Разговор не удовлетворил Коншина. Только один раз - еще на Урале - видел он, как покинуло Шергина спокойствие. Получали письма, и когда выкрикнули его фамилию, он бросился, побледневший, схватил письмо и, отойдя в сторону, долго читал его, словно впитывая каждое слово. Потом не раз видел Коншин, как, забившись в уголок, чтоб никто не мешал, перечитывал Шергин письмо, и губы его кривила какая-то сдерживаемая, но все же заметная боль.
– От девушки?
– спросил Коншин.
– От девушки, - спокойно, но нехотя бросил Шергин, так что продолжать расспросы Коншин не стал.
И никто, кроме военной цензуры, не знал, что письмо это не от девушки... А что думал и чувствовал Шергин, читая и перечитывая письмо, не знал никто.
Только видит Коншин, да не один он, что идет Шергин на фронт спокойный, подтянутый, решительный и очень сосредоточенный. Не так, как прочие: с сумятицей и томлением. Видит, но не знает тому причины и потому заговаривает с Шергиным часто, не смущаясь, что отвечает тот скупо и вроде безохотно.
– Андрей, мой Савкин говорит, что на фронте порядка мало. Так ли?
– У нас был толковый командир полка. Мы ни разу не попадали в окружение и отходили в полном порядке.
– А ты сам совершил что-нибудь такое?
– Что именно? О чем ты?
– Ну, проявил себя?
– Меня утвердили в должности комвзвода и послали аттестацию.
– Значит, что-то сделал?
– Наверное.
– А за что дают награды? Что надо совершить, чтоб получить... ну, хотя бы "За отвагу"?
– Мальчишеские вопросы, Коншин.
– Ну, ты за что получил?
– Просто воевал. Но "За отвагу" - это мало.
– Хочешь большего?
– Хочу.
– Честолюбие?
– Нет. Мне нужно.
– Всем бы не мешало, - усмехается Коншин.
– Другим это не так важно.
– Вот как? Почему это - для тебя важно, для других...
– Прости, я пойду к взводу, - перебивает Шергин и уже на ходу бросает: Когда-нибудь объясню.
Под стать своему командиру взвода его связной Сашка - тоже ладный, подтянутый. Все ему впору: и шинель, и шапка, даже обмотки не уродуют его.

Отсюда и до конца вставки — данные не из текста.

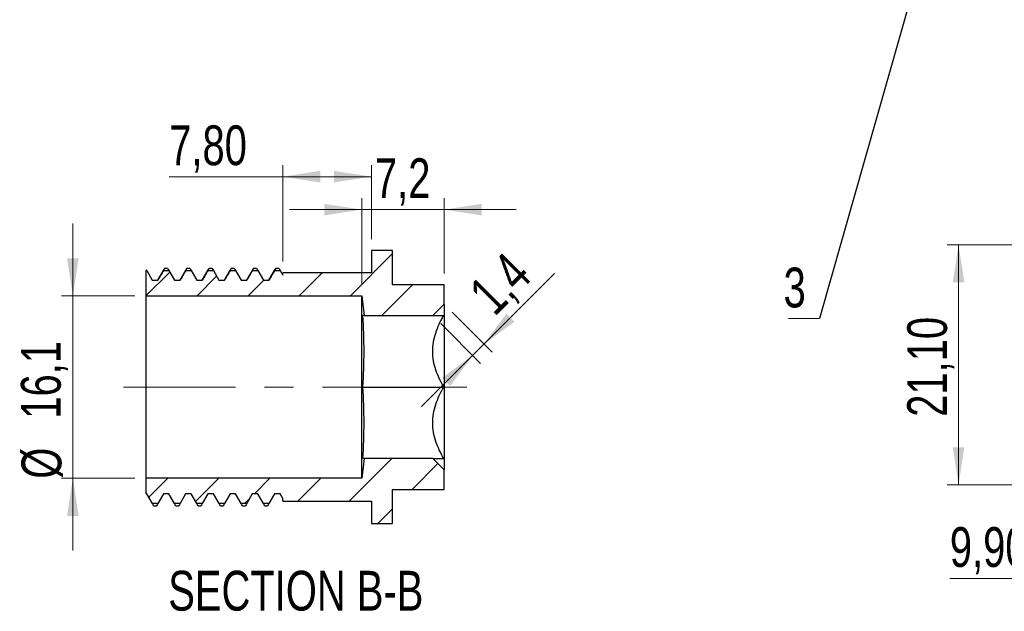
# Model space of a CAD drawing. Header units: millimetres. Extents: x 0 to 420, y 0 to 297.
# Tile 12 of 68: x 120 to 207, y 68 to 120. Entities that reach past the tile are written whole.
import ezdxf

# ---------------------------------------------------------------- set-up
doc = ezdxf.new("R2010")
doc.units = ezdxf.units.MM
doc.linetypes.add('CENTERX2', pattern=[20.32, 12.7, -2.54, 2.54, -2.54])
doc.styles.add('SLDTEXTSTYLE0', font='TXT', dxfattribs={"width": 0.75})
doc.dimstyles.new('SLDDIMSTYLE1', dxfattribs={"dimtxt": 3.5, "dimasz": 3.302, "dimexe": 0, "dimexo": 0.0625, "dimgap": 0.875, "dimtad": 1, "dimrnd": 1e-09, "dimzin": 12, "dimdsep": 46, "dimtxsty": 'SLDTEXTSTYLE0', "dimsah": 1, "dimcen": 0.09, "dimadec": 0, "dimazin": 3, "dimtfac": 1, "dimtofl": 0, "dimtmove": 0, "dimatfit": 3, "dimfxl": 0, "dimfrac": 2, "dimtolj": 1, "dimtzin": 12, "dimarcsym": 0})
doc.dimstyles.new('SLDDIMSTYLE4', dxfattribs={"dimtxt": 0.18, "dimasz": 3.302, "dimexe": 0, "dimexo": 0.0625, "dimgap": 0, "dimtad": 0, "dimtih": 1, "dimtoh": 1, "dimdec": 0, "dimrnd": 1e-09, "dimzin": 0, "dimdsep": 46, "dimtxsty": 'Standard', "dimsah": 1, "dimcen": 0.09, "dimadec": 0, "dimazin": 0, "dimtfac": 3.302, "dimtdec": 0, "dimtofl": 0, "dimtmove": 0, "dimatfit": 3, "dimfxl": 0, "dimfrac": 2, "dimtolj": 1, "dimtzin": 0, "dimarcsym": 0})
doc.dimstyles.new('SLDDIMSTYLE7', dxfattribs={"dimtxt": 3.5, "dimasz": 3.302, "dimexe": 0, "dimexo": 0.0625, "dimgap": 0.875, "dimtad": 1, "dimdec": 1, "dimrnd": 1e-09, "dimzin": 12, "dimdsep": 46, "dimtxsty": 'SLDTEXTSTYLE0', "dimsah": 1, "dimcen": 0.09, "dimadec": 0, "dimazin": 3, "dimtfac": 1, "dimtdec": 1, "dimtmove": 0, "dimatfit": 0, "dimfxl": 0, "dimfrac": 2, "dimtolj": 1, "dimtzin": 12, "dimarcsym": 0})

# ---------------------------------------------------------------- blocks, each defined once
blk = doc.blocks.new('_D_58')
at = {"color": 7, "linetype": 'Continuous', "lineweight": 0}
for p, q in [((124.829, 95.341), (124.829, 101.691)), ((130.282, 95.341), (123.829, 95.341)), ((124.829, 95.341), (124.829, 79.291)), ((130.282, 79.291), (123.829, 79.291)), ((124.829, 79.291), (124.829, 72.941))]:
    blk.add_line(p, q, dxfattribs=at)
at = {"color": 7, "linetype": 'Continuous', "lineweight": 18}
for points in [[(124.829, 95.341), (125.337, 98.643), (124.321, 98.643)], [(124.829, 79.291), (124.321, 75.989), (125.337, 75.989)]]:
    blk.add_solid(points, dxfattribs=at)
at = {"color": 7, "linetype": 'Continuous', "lineweight": 18, "char_height": 3.5, "attachment_point": 1, "rotation": 90, "style": 'SLDTEXTSTYLE0'}
for s, insert in [('16,1', (120.264, 84.535)), ('%%c', (120.317, 79.256))]:
    blk.add_mtext(s, dxfattribs=dict(at, insert=insert))
blk = doc.blocks.new('_D_59')
at = {"color": 7, "linetype": 'Continuous', "lineweight": 0}
for p, q in [((150.232, 96.341), (150.232, 103.924)), ((157.462, 97.316), (157.462, 103.924)), ((150.232, 102.924), (143.882, 102.924)), ((150.232, 102.924), (157.462, 102.924)), ((157.462, 102.924), (163.812, 102.924))]:
    blk.add_line(p, q, dxfattribs=at)
at = {"color": 7, "linetype": 'Continuous', "lineweight": 18}
for points in [[(150.232, 102.924), (146.93, 103.432), (146.93, 102.416)], [(157.462, 102.924), (160.764, 102.416), (160.764, 103.432)]]:
    blk.add_solid(points, dxfattribs=at)
at = {"color": 7, "linetype": 'Continuous', "lineweight": 18, "insert": (151.384, 107.435), "char_height": 3.5, "attachment_point": 1, "style": 'SLDTEXTSTYLE0'}
blk.add_mtext('7,2', dxfattribs=at)
blk = doc.blocks.new('_D_60')
at = {"color": 7, "linetype": 'Continuous', "lineweight": 0}
for p, q in [((143.282, 98.366), (143.282, 106.822)), ((151.082, 100.316), (151.082, 106.822)), ((143.282, 105.822), (133.297, 105.822)), ((151.082, 105.822), (143.282, 105.822))]:
    blk.add_line(p, q, dxfattribs=at)
at = {"color": 7, "linetype": 'Continuous', "lineweight": 18}
for points in [[(143.282, 105.822), (146.584, 105.314), (146.584, 106.33)], [(151.082, 105.822), (147.78, 106.33), (147.78, 105.314)]]:
    blk.add_solid(points, dxfattribs=at)
at = {"color": 7, "linetype": 'Continuous', "lineweight": 18, "insert": (133.297, 110.334), "char_height": 3.5, "attachment_point": 1, "style": 'SLDTEXTSTYLE0'}
blk.add_mtext('7,80', dxfattribs=at)
blk = doc.blocks.new('_D_61')
at = {"color": 7, "linetype": 'Continuous', "lineweight": 0}
for p, q in [((160.971, 91.097), (167.177, 97.302)), ((158.169, 93.899), (161.678, 90.39)), ((157.169, 92.899), (160.678, 89.39)), ((160.971, 91.097), (159.971, 90.097)), ((159.971, 90.097), (155.481, 85.607))]:
    blk.add_line(p, q, dxfattribs=at)
at = {"color": 7, "linetype": 'Continuous', "lineweight": 18}
for points in [[(160.971, 91.097), (163.665, 93.072), (162.947, 93.791)], [(159.971, 90.097), (157.277, 88.121), (157.996, 87.403)]]:
    blk.add_solid(points, dxfattribs=at)
at = {"color": 7, "linetype": 'Continuous', "lineweight": 18, "insert": (159.415, 95.921), "char_height": 3.5, "attachment_point": 1, "rotation": 45, "style": 'SLDTEXTSTYLE0'}
blk.add_mtext('1,4', dxfattribs=at)
blk = doc.blocks.new('_D_64')
at = {"color": 7, "linetype": 'Continuous', "lineweight": 0}
for p, q in [((215.458, 99.817), (201.693, 99.817)), ((202.693, 99.817), (202.693, 78.718)), ((215.458, 78.718), (201.693, 78.718))]:
    blk.add_line(p, q, dxfattribs=at)
at = {"color": 7, "linetype": 'Continuous', "lineweight": 18}
for points in [[(202.693, 99.817), (202.185, 96.515), (203.201, 96.515)], [(202.693, 78.718), (203.201, 82.02), (202.185, 82.02)]]:
    blk.add_solid(points, dxfattribs=at)
at = {"color": 7, "linetype": 'Continuous', "lineweight": 18, "insert": (198.181, 84.702), "char_height": 3.5, "attachment_point": 1, "rotation": 90, "style": 'SLDTEXTSTYLE0'}
blk.add_mtext('21,10', dxfattribs=at)
blk = doc.blocks.new('_D_67')
at = {"color": 7, "linetype": 'Continuous', "lineweight": 0}
for p, q in [((218.558, 100.567), (218.558, 69.483)), ((228.458, 100.567), (228.458, 69.483)), ((218.558, 70.483), (201.927, 70.483)), ((228.458, 70.483), (218.558, 70.483))]:
    blk.add_line(p, q, dxfattribs=at)
at = {"color": 7, "linetype": 'Continuous', "lineweight": 18}
for points in [[(218.558, 70.483), (221.86, 69.975), (221.86, 70.991)], [(228.458, 70.483), (225.156, 70.991), (225.156, 69.975)]]:
    blk.add_solid(points, dxfattribs=at)
at = {"color": 7, "linetype": 'Continuous', "lineweight": 18, "insert": (201.927, 74.994), "char_height": 3.5, "attachment_point": 1, "style": 'SLDTEXTSTYLE0'}
blk.add_mtext('9,90', dxfattribs=at)
blk = doc.blocks.new('SW_NOTE_0_17')
at = {"color": 0, "linetype": 'Continuous', "lineweight": 0}
blk.add_line((-2.738, 0), (0, 0), dxfattribs=at)
at = {"color": 0, "linetype": 'Continuous', "lineweight": 0, "insert": (-3.162, 4.476), "char_height": 3.5, "attachment_point": 1, "style": 'SLDTEXTSTYLE0'}
blk.add_mtext('3', dxfattribs=at)

msp = doc.modelspace()

# ---------------------------------------------------------------- hatches: boundary and pattern name
at = {"linetype": 'Continuous', "lineweight": 18}
h = msp.add_hatch(dxfattribs=at)
h.set_pattern_fill('ANSI31', style=0)
h.paths.add_polyline_path([(142.56254, 97.56161), (142.07017, 96.7088), (141.58171, 96.7088), (141.08934, 97.56161), (140.60869, 97.56161), (140.11632, 96.7088), (139.62786, 96.7088), (139.13549, 97.56161), (138.65484, 97.56161), (138.16248, 96.7088), (137.67401, 96.7088), (137.18165, 97.56161), (136.701, 97.56161), (136.20863, 96.7088), (135.72017, 96.7088), (135.2278, 97.56161), (134.74715, 97.56161), (134.25478, 96.7088), (133.76632, 96.7088), (133.27395, 97.56161), (132.79331, 97.56161), (132.30094, 96.7088), (131.81248, 96.7088), (131.32011, 97.56161), (131.28168, 97.56161), (131.28168, 95.34135), (150.23168, 95.34135), (150.43168, 93.60635), (156.46168, 93.60635), (157.46168, 94.60635), (157.46168, 96.31635), (152.93168, 96.31635), (152.93168, 99.31635), (151.08168, 99.31635), (151.08168, 97.36635), (143.28168, 97.36635), (143.28168, 97.14852), (143.04318, 97.56161)], flags=0)
h = msp.add_hatch(dxfattribs=at)
h.set_pattern_fill('ANSI31', style=0)
h.paths.add_polyline_path([(141.09325, 77.9239), (141.58561, 77.07109), (142.06626, 77.07109), (142.55863, 77.9239), (143.04709, 77.9239), (143.28168, 77.51758), (143.28168, 77.26635), (151.08168, 77.26635), (151.08168, 75.31635), (152.93168, 75.31635), (152.93168, 78.31635), (157.46168, 78.31635), (157.46168, 80.02635), (156.46168, 81.02635), (150.43168, 81.02635), (150.23168, 79.29135), (131.28168, 79.29135), (131.28168, 77.9239), (131.32401, 77.9239), (131.81638, 77.07109), (132.29703, 77.07109), (132.7894, 77.9239), (133.27786, 77.9239), (133.77023, 77.07109), (134.25088, 77.07109), (134.74325, 77.9239), (135.23171, 77.9239), (135.72408, 77.07109), (136.20472, 77.07109), (136.69709, 77.9239), (137.18555, 77.9239), (137.67792, 77.07109), (138.15857, 77.07109), (138.65094, 77.9239), (139.1394, 77.9239), (139.63177, 77.07109), (140.11242, 77.07109), (140.60478, 77.9239)], flags=0)

# ---------------------------------------------------------------- linework, layer by layer
at = {"color": 7, "linetype": 'Continuous', "lineweight": 25}
for p, q in [((151.08168, 99.31635), (151.08168, 97.36635)), ((152.93168, 99.31635), (151.08168, 99.31635)), ((152.93168, 96.31635), (152.93168, 99.31635)), ((131.28168, 97.62656), (131.28168, 97.56161)), ((131.28168, 97.56161), (131.32011, 97.56161)), ((131.28168, 95.34135), (131.28168, 97.56161)), ((131.32011, 97.56161), (131.81248, 96.7088)), ((132.30094, 96.7088), (132.79331, 97.56161)), ((132.79331, 97.56161), (133.27395, 97.56161)), ((132.89597, 97.7472), (132.90873, 97.76591)), ((132.90873, 97.76591), (133.15296, 97.76591)), ((133.27395, 97.56161), (133.76632, 96.7088)), ((134.25478, 96.7088), (134.74715, 97.56161)), ((134.74715, 97.56161), (135.2278, 97.56161)), ((134.84982, 97.7472), (134.86258, 97.76591)), ((134.86258, 97.76591), (135.10681, 97.76591)), ((135.2278, 97.56161), (135.72017, 96.7088)), ((136.20863, 96.7088), (136.701, 97.56161)), ((136.701, 97.56161), (137.18165, 97.56161)), ((136.80366, 97.7472), (136.81642, 97.76591)), ((136.81642, 97.76591), (137.06065, 97.76591)), ((137.18165, 97.56161), (137.67401, 96.7088)), ((138.16248, 96.7088), (138.65484, 97.56161)), ((138.65484, 97.56161), (139.13549, 97.56161)), ((138.75751, 97.7472), (138.77027, 97.76591)), ((138.77027, 97.76591), (139.0145, 97.76591)), ((139.13549, 97.56161), (139.62786, 96.7088)), ((140.11632, 96.7088), (140.60869, 97.56161)), ((140.60869, 97.56161), (141.08934, 97.56161)), ((140.72411, 97.76591), (140.96834, 97.76591)), ((141.08934, 97.56161), (141.58171, 96.7088)), ((142.07017, 96.7088), (142.56254, 97.56161)), ((142.56254, 97.56161), (143.04318, 97.56161)), ((142.66515, 97.74102), (142.67796, 97.76591)), ((142.67796, 97.76591), (142.92219, 97.76591)), ((143.04318, 97.56161), (143.28168, 97.14852)), ((143.28168, 97.14852), (143.28168, 97.36635)), ((151.08168, 97.36635), (143.28168, 97.36635)), ((131.81248, 96.7088), (132.30094, 96.7088)), ((133.76632, 96.7088), (134.25478, 96.7088)), ((135.72017, 96.7088), (136.20863, 96.7088)), ((137.67401, 96.7088), (138.16248, 96.7088)), ((139.62786, 96.7088), (140.11632, 96.7088)), ((141.58171, 96.7088), (142.07017, 96.7088)), ((157.46168, 96.31635), (152.93168, 96.31635)), ((157.46168, 94.60635), (157.46168, 96.31635)), ((131.28168, 95.34135), (150.23168, 95.34135)), ((131.28168, 79.29135), (131.28168, 95.34135)), ((150.23168, 95.34135), (150.43168, 93.60635)), ((150.23168, 79.29135), (150.23168, 95.34135)), ((157.46168, 94.60635), (156.46168, 93.60635)), ((157.46168, 94.60635), (157.46168, 80.02635)), ((150.43168, 93.60635), (156.46168, 93.60635)), ((150.31951, 87.31635), (157.43475, 87.31635)), ((150.43168, 81.02635), (150.23168, 79.29135)), ((156.46168, 81.02635), (150.43168, 81.02635)), ((156.46168, 81.02635), (157.46168, 80.02635)), ((157.46168, 78.31635), (157.46168, 80.02635)), ((150.23168, 79.29135), (131.28168, 79.29135)), ((131.28168, 77.9239), (131.28168, 79.29135)), ((131.32401, 77.9239), (131.28168, 77.9239)), ((131.81638, 77.07109), (131.32401, 77.9239)), ((132.7894, 77.9239), (132.29703, 77.07109)), ((133.27786, 77.9239), (132.7894, 77.9239)), ((133.77023, 77.07109), (133.27786, 77.9239)), ((134.74325, 77.9239), (134.25088, 77.07109)), ((135.23171, 77.9239), (134.74325, 77.9239)), ((135.72408, 77.07109), (135.23171, 77.9239)), ((136.69709, 77.9239), (136.20472, 77.07109)), ((137.18555, 77.9239), (136.69709, 77.9239)), ((137.67792, 77.07109), (137.18555, 77.9239)), ((138.65094, 77.9239), (138.15857, 77.07109)), ((139.1394, 77.9239), (138.65094, 77.9239)), ((139.63177, 77.07109), (139.1394, 77.9239)), ((140.60478, 77.9239), (140.11242, 77.07109)), ((141.09325, 77.9239), (140.60478, 77.9239)), ((141.58561, 77.07109), (141.09325, 77.9239)), ((142.55863, 77.9239), (142.06626, 77.07109)), ((143.04709, 77.9239), (142.55863, 77.9239)), ((143.28168, 77.51758), (143.04709, 77.9239)), ((152.93168, 78.31635), (157.46168, 78.31635)), ((152.93168, 75.31635), (152.93168, 78.31635)), ((132.29703, 77.07109), (131.81638, 77.07109)), ((134.25088, 77.07109), (133.77023, 77.07109)), ((136.20472, 77.07109), (135.72408, 77.07109)), ((138.15857, 77.07109), (137.67792, 77.07109)), ((140.11242, 77.07109), (139.63177, 77.07109)), ((142.06626, 77.07109), (141.58561, 77.07109)), ((143.28168, 77.26635), (143.28168, 77.51758)), ((143.28168, 77.26635), (151.08168, 77.26635)), ((151.08168, 77.26635), (151.08168, 75.31635)), ((131.93762, 76.86687), (131.93519, 76.87109)), ((131.93519, 76.87109), (132.18429, 76.87109)), ((131.93762, 76.86687), (132.18185, 76.86687)), ((132.18429, 76.87109), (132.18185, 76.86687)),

Чуть он пониже Шергина, но крепко затянутый брезентовый пояс стройнит его. И шагает он тоже легко, привычным пружинистым шагом. Служил кадровую в пехоте переходил за эти годы не одну сотню верст, не одни сапоги истоптал, обвыкся в ночных походах. Нередко улыбка блуждает на его лице - было у него перед маршем необыкновенное: поцеловала его Зина из санроты, с которой бегал вместе при бомбежках и прикрыл своим телом, когда взрябили пули снег вокруг них и близились к ним... До сих пор ощущает он прикосновение холодных Зининых щек, до сих пор в памяти ее слова: "Ждать тебя буду, родненький..."
Раза три за ночь обмахивает батальон на своей белой, как и его полушубок, лошади двадцативосьмилетний комбат - капитан Шувалов. Не пришлось ему побывать ни в Испании, ни на Халхин-Голе, где кое-кому из его друзей удалось заслужить ордена и славу. У него же на гимнастерке скромно поблескивает только значок "Отличник РККА" - маловато. Но впереди вся война, лишь бы не сплоховать. На последних учениях на Урале все прошло прекрасно - лихо поднимали командиры рот в атаку бойцов, с дружными криками: "Ура, за Сталина!" - с ходу была взята сопка, занятая "противником". Красиво прошли учения, и заслужил он благодарность комбрига.
Что там, он еще не знает, но молод, самонадеян и верит в успех. Сам напросился, чтоб его батальон первым пошел в наступление, и хочется ему во что бы то ни стало выиграть свой первый бой - лиха беда начало... Часто подъезжает он к штабным саням, где едет Катенька - сестренка из санроты, любовь с которой началась еще на формировании. Поначалу не хотел брать ее в батальон, но она сама - "хочу с тобой быть, и никаких...". Конечно, на самый передок ее не возьмет, пусть в санвзводе будет. И хотя девушек там не было - разрешил комбриг, после того как сказал Шувалов, что как из боев выйдут, так и распишется он с Катенькой... Либо перед возможной смертью все таким настоящим кажется, либо и верно полюбил, потому как нет для него сейчас человека дороже... А когда представлял, что может кто полезть к Катеньке, если бы осталась она в санроте, то рука сама тянулась к кобуре, а в голову ударяла кровь...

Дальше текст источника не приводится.